[Excerpts from a dataset]
_ _ _

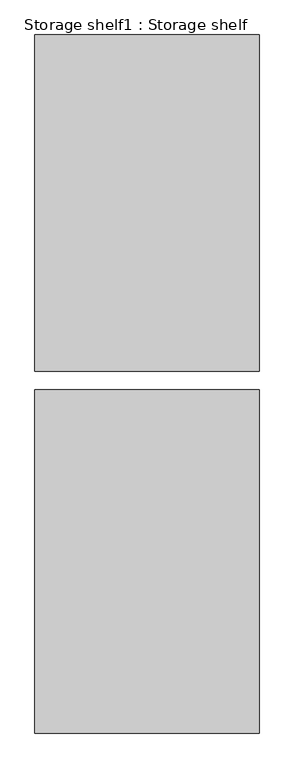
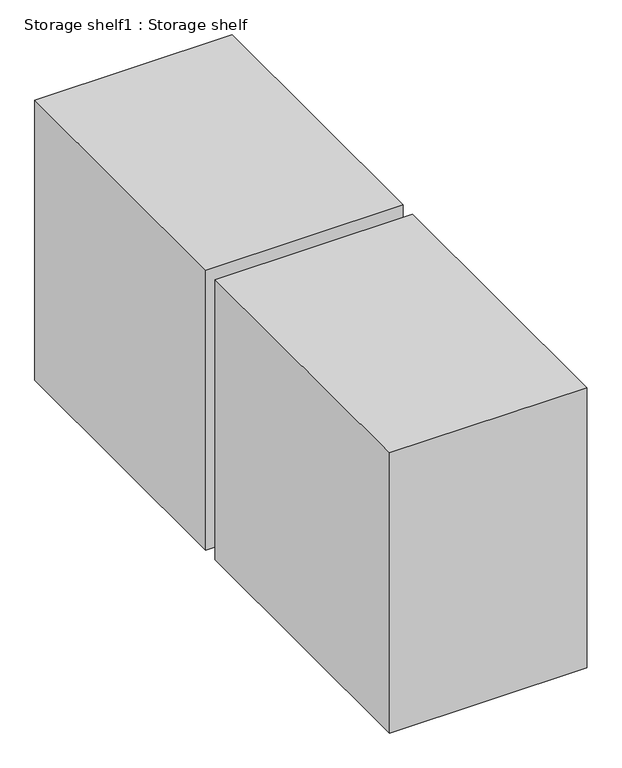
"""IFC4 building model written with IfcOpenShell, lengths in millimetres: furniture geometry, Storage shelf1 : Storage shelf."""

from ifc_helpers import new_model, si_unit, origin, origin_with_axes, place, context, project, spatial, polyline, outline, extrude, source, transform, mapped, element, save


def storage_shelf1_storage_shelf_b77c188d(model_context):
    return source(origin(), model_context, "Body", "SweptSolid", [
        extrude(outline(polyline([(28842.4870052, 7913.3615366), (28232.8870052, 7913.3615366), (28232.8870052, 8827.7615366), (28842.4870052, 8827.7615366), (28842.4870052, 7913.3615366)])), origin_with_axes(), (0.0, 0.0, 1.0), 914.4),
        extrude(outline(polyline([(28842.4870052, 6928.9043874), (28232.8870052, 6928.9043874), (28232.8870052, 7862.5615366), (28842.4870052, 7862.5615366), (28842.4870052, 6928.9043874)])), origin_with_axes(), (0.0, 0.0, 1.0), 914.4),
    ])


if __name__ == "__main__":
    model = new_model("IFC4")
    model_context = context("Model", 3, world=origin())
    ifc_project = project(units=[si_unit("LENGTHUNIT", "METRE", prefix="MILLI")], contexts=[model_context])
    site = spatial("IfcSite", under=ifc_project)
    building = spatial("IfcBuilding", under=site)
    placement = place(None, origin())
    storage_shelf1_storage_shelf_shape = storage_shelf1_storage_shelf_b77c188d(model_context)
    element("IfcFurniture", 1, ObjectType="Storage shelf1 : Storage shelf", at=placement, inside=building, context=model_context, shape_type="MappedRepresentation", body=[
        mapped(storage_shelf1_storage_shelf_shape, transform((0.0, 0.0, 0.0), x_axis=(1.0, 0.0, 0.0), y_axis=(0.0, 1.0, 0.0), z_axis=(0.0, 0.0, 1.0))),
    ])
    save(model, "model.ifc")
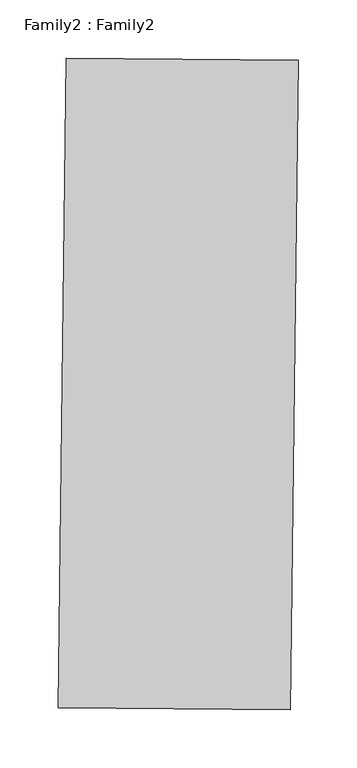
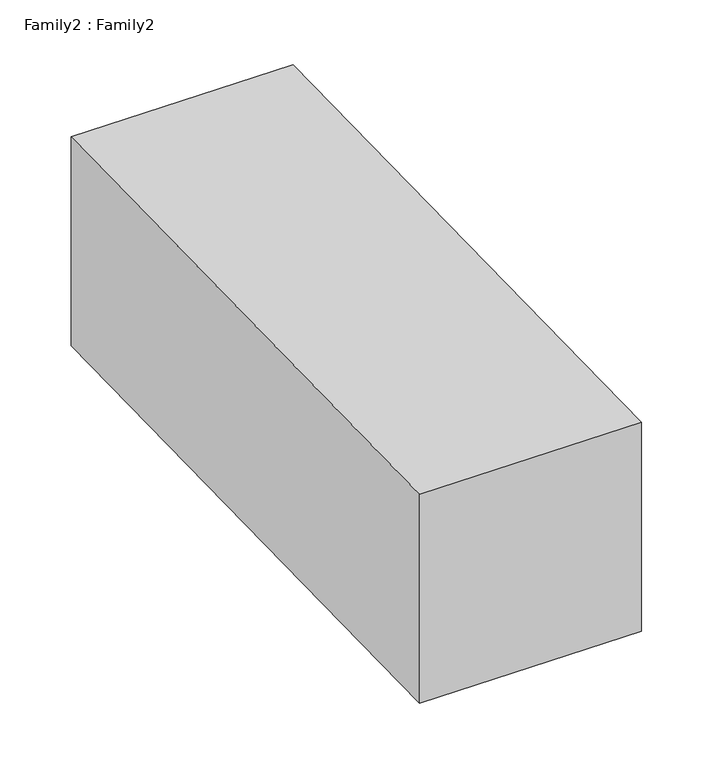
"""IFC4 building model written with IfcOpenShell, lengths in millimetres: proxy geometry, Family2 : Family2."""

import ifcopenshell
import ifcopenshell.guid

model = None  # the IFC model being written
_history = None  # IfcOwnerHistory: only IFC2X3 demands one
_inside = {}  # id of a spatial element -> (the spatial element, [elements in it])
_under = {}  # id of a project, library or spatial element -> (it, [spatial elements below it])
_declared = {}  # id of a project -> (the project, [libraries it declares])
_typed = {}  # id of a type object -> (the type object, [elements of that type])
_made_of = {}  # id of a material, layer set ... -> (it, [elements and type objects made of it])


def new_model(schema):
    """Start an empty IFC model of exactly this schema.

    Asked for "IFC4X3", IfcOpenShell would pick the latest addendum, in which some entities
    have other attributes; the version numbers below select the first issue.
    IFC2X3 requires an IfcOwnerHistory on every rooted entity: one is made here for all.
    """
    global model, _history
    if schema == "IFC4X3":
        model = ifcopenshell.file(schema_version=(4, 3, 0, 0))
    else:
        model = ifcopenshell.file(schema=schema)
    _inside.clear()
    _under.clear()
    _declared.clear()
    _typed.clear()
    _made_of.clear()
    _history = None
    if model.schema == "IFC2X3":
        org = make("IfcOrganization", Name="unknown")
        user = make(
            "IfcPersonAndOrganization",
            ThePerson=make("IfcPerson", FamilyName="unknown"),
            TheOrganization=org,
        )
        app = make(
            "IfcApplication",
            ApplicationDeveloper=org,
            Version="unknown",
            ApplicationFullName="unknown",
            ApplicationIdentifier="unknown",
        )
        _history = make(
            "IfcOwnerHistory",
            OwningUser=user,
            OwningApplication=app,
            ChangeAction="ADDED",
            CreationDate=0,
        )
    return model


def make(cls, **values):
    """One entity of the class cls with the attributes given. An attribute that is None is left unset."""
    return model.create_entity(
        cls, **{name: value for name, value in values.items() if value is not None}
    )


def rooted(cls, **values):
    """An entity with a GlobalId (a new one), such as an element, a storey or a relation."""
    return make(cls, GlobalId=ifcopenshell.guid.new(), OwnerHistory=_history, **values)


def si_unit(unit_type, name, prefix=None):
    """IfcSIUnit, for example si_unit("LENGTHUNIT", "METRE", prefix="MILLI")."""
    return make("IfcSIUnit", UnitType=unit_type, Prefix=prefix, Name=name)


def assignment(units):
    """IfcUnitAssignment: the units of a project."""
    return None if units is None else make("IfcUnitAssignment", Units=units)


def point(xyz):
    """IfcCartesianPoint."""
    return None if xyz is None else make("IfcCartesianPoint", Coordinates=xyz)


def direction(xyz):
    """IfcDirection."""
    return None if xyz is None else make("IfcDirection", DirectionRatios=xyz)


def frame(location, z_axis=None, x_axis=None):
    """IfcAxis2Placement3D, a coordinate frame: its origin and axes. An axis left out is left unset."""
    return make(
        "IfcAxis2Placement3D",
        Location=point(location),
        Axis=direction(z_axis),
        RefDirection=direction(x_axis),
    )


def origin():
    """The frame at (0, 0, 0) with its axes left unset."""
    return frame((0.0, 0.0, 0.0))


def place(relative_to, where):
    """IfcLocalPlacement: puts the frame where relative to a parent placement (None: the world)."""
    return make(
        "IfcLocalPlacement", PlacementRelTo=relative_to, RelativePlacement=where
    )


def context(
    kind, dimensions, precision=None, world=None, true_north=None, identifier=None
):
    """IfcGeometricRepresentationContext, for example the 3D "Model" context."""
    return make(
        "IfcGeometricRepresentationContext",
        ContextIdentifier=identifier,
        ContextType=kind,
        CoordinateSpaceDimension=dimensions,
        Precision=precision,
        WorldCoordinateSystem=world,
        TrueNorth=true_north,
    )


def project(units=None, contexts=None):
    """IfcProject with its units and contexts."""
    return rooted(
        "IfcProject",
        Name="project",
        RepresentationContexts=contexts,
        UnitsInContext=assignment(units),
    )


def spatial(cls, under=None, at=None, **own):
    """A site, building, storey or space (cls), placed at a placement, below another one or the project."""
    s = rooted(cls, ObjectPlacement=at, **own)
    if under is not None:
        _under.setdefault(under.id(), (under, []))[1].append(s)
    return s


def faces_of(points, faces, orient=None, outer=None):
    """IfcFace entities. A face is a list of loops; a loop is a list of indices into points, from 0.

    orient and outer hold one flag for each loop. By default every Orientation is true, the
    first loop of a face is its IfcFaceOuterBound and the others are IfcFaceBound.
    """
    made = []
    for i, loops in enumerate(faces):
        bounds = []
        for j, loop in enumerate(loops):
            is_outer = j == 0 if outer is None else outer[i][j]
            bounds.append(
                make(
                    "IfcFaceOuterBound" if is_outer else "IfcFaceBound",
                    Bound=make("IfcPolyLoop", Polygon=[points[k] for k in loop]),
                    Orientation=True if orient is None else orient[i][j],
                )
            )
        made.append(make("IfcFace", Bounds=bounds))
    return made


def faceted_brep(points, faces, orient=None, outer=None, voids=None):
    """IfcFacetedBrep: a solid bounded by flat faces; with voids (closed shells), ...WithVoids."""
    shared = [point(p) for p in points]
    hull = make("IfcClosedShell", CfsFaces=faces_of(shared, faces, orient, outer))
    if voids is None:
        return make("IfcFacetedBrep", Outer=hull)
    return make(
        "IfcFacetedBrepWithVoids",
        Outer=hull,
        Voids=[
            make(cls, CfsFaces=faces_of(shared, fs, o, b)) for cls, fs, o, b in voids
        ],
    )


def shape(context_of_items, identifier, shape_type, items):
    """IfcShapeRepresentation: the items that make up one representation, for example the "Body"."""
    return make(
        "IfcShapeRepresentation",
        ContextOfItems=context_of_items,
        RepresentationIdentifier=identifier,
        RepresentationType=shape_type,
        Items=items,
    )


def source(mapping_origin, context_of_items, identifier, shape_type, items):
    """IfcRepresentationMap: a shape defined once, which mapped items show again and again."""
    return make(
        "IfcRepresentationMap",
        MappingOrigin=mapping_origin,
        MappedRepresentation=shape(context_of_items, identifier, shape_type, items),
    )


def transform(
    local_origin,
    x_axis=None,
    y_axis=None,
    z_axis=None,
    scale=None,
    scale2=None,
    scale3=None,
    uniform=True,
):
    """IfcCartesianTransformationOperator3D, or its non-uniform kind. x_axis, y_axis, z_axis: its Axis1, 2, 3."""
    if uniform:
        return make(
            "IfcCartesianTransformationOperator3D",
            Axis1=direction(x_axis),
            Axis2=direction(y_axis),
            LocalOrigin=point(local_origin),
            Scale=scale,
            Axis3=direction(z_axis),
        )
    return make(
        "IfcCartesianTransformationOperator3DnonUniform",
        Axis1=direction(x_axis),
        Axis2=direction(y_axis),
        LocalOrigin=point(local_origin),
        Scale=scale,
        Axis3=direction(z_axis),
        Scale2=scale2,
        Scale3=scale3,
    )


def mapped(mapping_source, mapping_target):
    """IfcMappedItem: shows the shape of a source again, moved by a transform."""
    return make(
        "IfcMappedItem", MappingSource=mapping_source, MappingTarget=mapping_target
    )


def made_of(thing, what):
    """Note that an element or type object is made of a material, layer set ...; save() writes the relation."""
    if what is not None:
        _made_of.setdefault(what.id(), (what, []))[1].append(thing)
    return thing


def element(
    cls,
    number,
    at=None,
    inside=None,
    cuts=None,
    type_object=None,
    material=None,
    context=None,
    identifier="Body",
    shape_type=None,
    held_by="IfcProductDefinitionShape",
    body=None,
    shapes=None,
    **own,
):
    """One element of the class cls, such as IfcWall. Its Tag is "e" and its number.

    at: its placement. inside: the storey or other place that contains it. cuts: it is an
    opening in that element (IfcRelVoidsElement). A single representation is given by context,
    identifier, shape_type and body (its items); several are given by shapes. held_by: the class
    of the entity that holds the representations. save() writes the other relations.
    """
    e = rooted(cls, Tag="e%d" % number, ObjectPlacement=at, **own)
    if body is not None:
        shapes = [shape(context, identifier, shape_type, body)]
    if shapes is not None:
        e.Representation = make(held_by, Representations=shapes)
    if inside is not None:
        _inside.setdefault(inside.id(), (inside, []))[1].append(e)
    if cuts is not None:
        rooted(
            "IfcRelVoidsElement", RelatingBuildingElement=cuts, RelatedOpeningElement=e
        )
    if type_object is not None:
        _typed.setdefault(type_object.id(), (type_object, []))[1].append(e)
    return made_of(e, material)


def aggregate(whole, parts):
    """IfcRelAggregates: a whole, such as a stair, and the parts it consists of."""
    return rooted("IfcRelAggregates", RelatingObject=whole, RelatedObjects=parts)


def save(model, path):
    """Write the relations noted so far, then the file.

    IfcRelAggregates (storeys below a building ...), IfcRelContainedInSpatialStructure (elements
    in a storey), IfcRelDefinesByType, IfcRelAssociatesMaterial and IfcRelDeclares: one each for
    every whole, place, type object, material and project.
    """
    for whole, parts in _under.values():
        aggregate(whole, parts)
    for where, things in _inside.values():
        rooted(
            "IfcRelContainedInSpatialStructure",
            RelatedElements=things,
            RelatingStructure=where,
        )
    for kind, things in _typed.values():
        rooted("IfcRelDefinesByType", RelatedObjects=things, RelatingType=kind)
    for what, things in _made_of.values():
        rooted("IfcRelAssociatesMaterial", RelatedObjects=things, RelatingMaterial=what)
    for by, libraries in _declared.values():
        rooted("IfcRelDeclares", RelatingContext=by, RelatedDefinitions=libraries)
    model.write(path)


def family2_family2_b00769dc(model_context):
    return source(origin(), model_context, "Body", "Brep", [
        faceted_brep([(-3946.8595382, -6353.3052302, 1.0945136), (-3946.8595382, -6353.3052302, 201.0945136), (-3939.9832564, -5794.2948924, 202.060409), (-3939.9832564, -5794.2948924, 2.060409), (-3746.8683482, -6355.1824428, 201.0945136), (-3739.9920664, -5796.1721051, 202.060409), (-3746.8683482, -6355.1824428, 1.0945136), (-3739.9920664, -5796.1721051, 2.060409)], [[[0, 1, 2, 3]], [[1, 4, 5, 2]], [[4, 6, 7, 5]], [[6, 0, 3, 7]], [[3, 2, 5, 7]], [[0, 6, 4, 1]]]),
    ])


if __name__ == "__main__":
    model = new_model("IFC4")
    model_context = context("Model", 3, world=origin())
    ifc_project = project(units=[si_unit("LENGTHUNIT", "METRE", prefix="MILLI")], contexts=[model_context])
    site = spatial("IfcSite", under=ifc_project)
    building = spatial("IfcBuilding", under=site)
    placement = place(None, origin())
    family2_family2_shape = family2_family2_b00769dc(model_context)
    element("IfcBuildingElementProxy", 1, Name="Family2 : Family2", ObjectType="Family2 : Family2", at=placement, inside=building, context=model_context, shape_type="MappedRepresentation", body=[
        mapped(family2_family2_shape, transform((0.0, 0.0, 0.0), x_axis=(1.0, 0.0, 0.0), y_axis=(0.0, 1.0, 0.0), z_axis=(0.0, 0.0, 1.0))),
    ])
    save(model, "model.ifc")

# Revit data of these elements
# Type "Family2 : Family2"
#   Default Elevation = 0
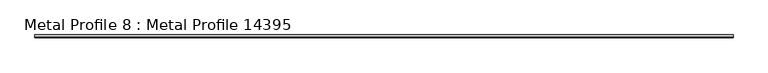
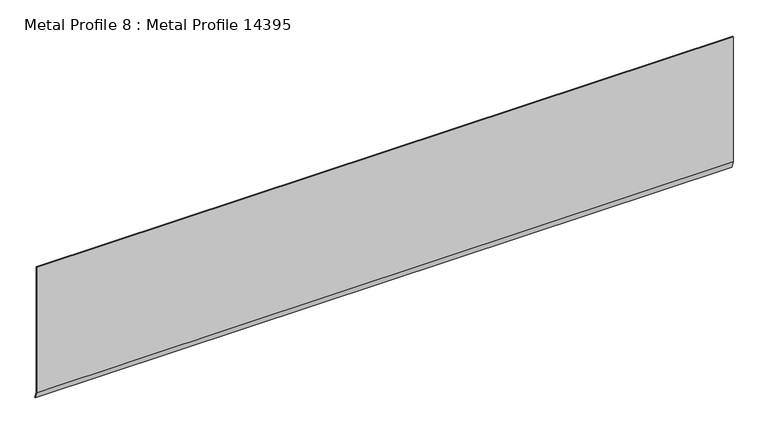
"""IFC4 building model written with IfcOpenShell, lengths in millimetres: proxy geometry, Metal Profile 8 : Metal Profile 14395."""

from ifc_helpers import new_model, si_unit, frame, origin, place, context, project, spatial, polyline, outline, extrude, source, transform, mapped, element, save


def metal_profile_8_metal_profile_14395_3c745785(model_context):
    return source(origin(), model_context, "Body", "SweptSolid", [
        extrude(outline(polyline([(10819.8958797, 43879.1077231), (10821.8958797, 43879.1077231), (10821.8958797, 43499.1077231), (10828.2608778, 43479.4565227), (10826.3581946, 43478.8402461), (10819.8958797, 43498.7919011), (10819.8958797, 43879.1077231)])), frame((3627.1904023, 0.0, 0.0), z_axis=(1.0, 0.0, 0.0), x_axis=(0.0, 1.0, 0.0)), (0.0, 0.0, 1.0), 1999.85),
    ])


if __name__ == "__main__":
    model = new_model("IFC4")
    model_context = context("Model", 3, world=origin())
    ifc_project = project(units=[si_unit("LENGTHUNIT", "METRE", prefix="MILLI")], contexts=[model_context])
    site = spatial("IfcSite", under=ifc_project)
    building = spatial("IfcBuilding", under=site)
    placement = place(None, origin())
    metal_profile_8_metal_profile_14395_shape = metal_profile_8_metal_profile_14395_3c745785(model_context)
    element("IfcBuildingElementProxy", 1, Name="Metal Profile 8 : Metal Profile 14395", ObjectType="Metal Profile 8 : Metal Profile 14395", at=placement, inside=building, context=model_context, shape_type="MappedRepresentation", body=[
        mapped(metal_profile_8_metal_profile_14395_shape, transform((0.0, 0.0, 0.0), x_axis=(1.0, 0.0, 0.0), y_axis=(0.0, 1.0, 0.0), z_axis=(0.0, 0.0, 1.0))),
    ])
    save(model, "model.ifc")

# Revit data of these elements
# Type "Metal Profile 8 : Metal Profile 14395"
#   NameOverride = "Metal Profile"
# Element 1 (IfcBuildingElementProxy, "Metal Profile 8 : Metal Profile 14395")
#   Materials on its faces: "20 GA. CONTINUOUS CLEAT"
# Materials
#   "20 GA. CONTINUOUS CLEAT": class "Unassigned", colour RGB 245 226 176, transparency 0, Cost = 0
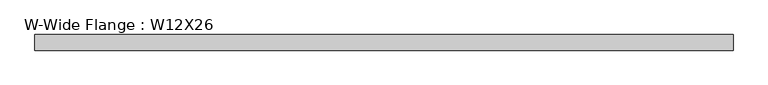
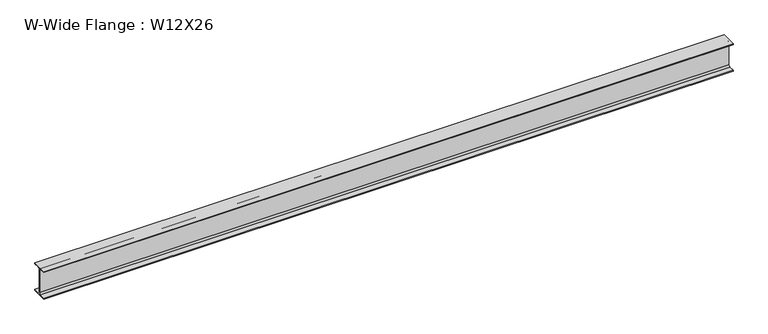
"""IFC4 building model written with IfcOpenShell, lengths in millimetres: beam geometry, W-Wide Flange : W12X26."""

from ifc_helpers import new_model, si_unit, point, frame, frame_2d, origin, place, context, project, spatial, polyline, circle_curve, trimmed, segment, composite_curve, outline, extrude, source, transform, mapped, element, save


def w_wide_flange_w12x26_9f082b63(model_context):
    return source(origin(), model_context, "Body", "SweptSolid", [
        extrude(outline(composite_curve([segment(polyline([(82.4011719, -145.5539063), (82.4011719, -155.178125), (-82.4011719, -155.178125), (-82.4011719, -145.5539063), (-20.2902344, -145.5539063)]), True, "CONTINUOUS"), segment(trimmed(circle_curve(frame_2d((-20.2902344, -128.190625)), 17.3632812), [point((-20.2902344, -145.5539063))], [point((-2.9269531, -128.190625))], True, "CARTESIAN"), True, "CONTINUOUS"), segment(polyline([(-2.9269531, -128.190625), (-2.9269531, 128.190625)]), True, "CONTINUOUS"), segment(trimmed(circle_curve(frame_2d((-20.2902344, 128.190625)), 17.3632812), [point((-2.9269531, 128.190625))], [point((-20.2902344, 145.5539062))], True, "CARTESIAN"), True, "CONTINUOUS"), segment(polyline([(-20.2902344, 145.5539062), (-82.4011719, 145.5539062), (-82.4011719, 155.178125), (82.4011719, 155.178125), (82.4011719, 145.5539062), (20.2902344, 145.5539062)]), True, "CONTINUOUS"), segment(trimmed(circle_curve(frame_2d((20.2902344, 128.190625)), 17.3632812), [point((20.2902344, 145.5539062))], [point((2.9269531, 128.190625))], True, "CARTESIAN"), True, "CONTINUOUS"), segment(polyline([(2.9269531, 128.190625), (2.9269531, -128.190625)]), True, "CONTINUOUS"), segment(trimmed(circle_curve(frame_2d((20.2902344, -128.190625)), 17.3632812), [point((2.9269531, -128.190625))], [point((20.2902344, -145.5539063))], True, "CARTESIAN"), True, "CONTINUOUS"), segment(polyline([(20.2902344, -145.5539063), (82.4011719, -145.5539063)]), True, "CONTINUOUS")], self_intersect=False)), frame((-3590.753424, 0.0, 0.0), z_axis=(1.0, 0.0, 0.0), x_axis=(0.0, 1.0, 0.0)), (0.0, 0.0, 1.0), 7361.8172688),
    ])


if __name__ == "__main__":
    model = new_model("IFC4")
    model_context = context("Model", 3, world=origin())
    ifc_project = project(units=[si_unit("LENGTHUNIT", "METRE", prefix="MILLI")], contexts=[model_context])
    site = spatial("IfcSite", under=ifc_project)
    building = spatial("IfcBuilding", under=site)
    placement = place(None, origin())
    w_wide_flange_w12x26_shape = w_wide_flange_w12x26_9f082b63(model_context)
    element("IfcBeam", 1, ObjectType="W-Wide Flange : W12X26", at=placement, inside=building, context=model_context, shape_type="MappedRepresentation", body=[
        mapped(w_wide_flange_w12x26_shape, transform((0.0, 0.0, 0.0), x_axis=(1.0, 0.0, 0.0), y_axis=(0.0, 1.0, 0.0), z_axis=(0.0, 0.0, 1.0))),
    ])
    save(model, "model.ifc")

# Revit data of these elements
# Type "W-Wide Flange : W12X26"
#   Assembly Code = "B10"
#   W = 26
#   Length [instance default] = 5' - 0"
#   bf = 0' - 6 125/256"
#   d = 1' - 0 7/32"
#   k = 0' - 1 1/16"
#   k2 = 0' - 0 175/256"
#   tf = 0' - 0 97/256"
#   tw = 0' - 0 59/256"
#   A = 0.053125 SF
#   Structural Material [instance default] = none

_ _ _

> _Exercise_: From the first line above down to the line with "import ifcopenshell.guid", reproduce every line and no others, omitting pictures.

> _Response to this task_:
"""IFC4 building model written with IfcOpenShell, lengths in millimetres: furniture geometry, Storage shelf1 : Storage shelf."""

from ifc_helpers import new_model, si_unit, origin, origin_with_axes, place, context, project, spatial, polyline, outline, extrude, source, transform, mapped, element, save


def storage_shelf1_storage_shelf_b77c188d(model_context):
    return source(origin(), model_context, "Body", "SweptSolid", [
        extrude(outline(polyline([(28842.4870052, 7913.3615366), (28232.8870052, 7913.3615366), (28232.8870052, 8827.7615366), (28842.4870052, 8827.7615366), (28842.4870052, 7913.3615366)])), origin_with_axes(), (0.0, 0.0, 1.0), 914.4),
        extrude(outline(polyline([(28842.4870052, 6928.9043874), (28232.8870052, 6928.9043874), (28232.8870052, 7862.5615366), (28842.4870052, 7862.5615366), (28842.4870052, 6928.9043874)])), origin_with_axes(), (0.0, 0.0, 1.0), 914.4),
    ])


if __name__ == "__main__":
    model = new_model("IFC4")
    model_context = context("Model", 3, world=origin())
    ifc_project = project(units=[si_unit("LENGTHUNIT", "METRE", prefix="MILLI")], contexts=[model_context])
    site = spatial("IfcSite", under=ifc_project)
    building = spatial("IfcBuilding", under=site)
    placement = place(None, origin())
    storage_shelf1_storage_shelf_shape = storage_shelf1_storage_shelf_b77c188d(model_context)
    element("IfcFurniture", 1, ObjectType="Storage shelf1 : Storage shelf", at=placement, inside=building, context=model_context, shape_type="MappedRepresentation", body=[
        mapped(storage_shelf1_storage_shelf_shape, transform((0.0, 0.0, 0.0), x_axis=(1.0, 0.0, 0.0), y_axis=(0.0, 1.0, 0.0), z_axis=(0.0, 0.0, 1.0))),
    ])
    save(model, "model.ifc")
"""IFC4 building model written with IfcOpenShell, lengths in millimetres: proxy geometry, Family2 : Family2."""

import ifcopenshell
import ifcopenshell.guid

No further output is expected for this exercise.